Voter Verified appears to bring to an end the monolithic, single-issue approach to issue preclusion for invalidity previously applied by some district courts. Under the logic of that decision, and consistent with other patent law principles, application of collateral estoppel to invalidity should be more narrowly focused on the particular challenges actually litigated in the prior case.

[1] Evonik Degussa GmbH v. Materia, Inc., 53 F. Supp. 3d 778, 794 (D. Del. 2014).
[2] See, e.g., Applied Medical Resources Corp. v. U.S. Surgical Corp., 352 F. Supp. 2d 1119, 1126 (C.D. Cal. 2005) (“[V]alidity, in the patent context, is a single issue for purposes of collateral estoppel.”); Zip Dee, Inc. v. Dometic Corp., 905 F. Supp. 535, 537-38 (N.D. Ill. 1995) (applying collateral estoppel to preclude defendant from asserting two invalidity defenses it did not asserted in the earlier suit); Pall Corp. v. Fisher Scientific Co., 962 F. Supp. 210, 213 (D. Mass. 1997) (stating that “it is the entire issue [of invalidity] that is precluded, not just the particular arguments raised in support of it in the first case”); Crossroads Systems (Texas), Inc. v. Dot Hill Sys.
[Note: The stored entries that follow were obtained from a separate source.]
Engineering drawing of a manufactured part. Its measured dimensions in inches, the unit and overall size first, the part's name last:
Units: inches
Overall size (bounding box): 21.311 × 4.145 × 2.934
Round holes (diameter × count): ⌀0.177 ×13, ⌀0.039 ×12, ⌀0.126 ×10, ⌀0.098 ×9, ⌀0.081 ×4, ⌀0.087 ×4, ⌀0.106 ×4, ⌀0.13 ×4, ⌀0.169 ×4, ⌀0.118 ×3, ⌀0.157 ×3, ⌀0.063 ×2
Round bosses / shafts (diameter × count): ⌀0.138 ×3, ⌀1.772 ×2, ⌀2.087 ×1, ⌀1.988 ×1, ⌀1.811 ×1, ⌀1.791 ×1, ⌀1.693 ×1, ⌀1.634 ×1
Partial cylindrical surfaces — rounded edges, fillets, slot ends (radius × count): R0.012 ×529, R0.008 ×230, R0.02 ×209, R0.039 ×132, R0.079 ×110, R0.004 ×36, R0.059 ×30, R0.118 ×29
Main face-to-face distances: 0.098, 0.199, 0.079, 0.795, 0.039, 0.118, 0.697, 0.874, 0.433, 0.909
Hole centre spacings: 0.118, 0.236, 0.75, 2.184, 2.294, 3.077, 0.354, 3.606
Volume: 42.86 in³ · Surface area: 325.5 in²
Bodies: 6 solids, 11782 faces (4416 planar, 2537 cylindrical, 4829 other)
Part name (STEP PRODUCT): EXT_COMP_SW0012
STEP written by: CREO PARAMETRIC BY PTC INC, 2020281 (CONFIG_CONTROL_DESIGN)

Corp., 2006 WL 1544621, at *5 (W.D. Tex. 2006) (“[T]he ‘issue’ to be given issue-preclusive effect to a judgment in the patent context is the ultimate determination on patent validity itself, not the sub-issues or the individual pieces of evidence and arguments that may have been necessary to support the validity determination.”).
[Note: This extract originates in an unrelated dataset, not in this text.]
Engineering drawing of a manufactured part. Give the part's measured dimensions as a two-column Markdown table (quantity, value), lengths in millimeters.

[3] Evonik, 53 F. Supp. 3d at 794 n.20.
[4] Taser Int’l, Inc. v. Karbon Arms, LLC, 6 F. Supp. 3d 510, 519 (D. Del. 2013).
[5] Id.
[6] 887 F.3d at 1379.
[7] Id. at 1380.
[8] Voter Verified Inc. v. Election Sys. & Software LLC, 2017 WL 3688148, at *2 (N.D. Fla. Mar. 21, 2017).
[9] Voter Verified, 887 F.3d at 1382-83.
[10] Id.
[11] See, e.g., Voter Verified, Inc. v. Premier Election Sols., Inc., 698 F.3d 1374, 1383 n.3 (Fed. Cir. 2012) (“The Defendants did offer anticipation arguments as to claim 56, but the district court rejected those arguments.”).
[12] See, e.g., Ball Aerosol & Specialty Container, Inc. v. Ltd. Brands, Inc., 555 F.3d 984, 994 (Fed. Cir. 2009) (courts “do not declare patents to be valid[; they] … only declare that they have not been proved to be invalid …”); Durango Assocs., Inc. v. Reflange, Inc., 843 F.2d 1349, 1356 n.4 (Fed. Cir. 1988) (“A patent should not be declared ‘valid’ by a court because other challengers may be able to prove invalidity using different evidence.”); Shelcore, Inc. v. Durham Indus., Inc., 745 F.2d 621, 627 (Fed. Cir. 1984) (“A patent is not held valid for all purposes, but, rather, not invalid on the record before the court.”).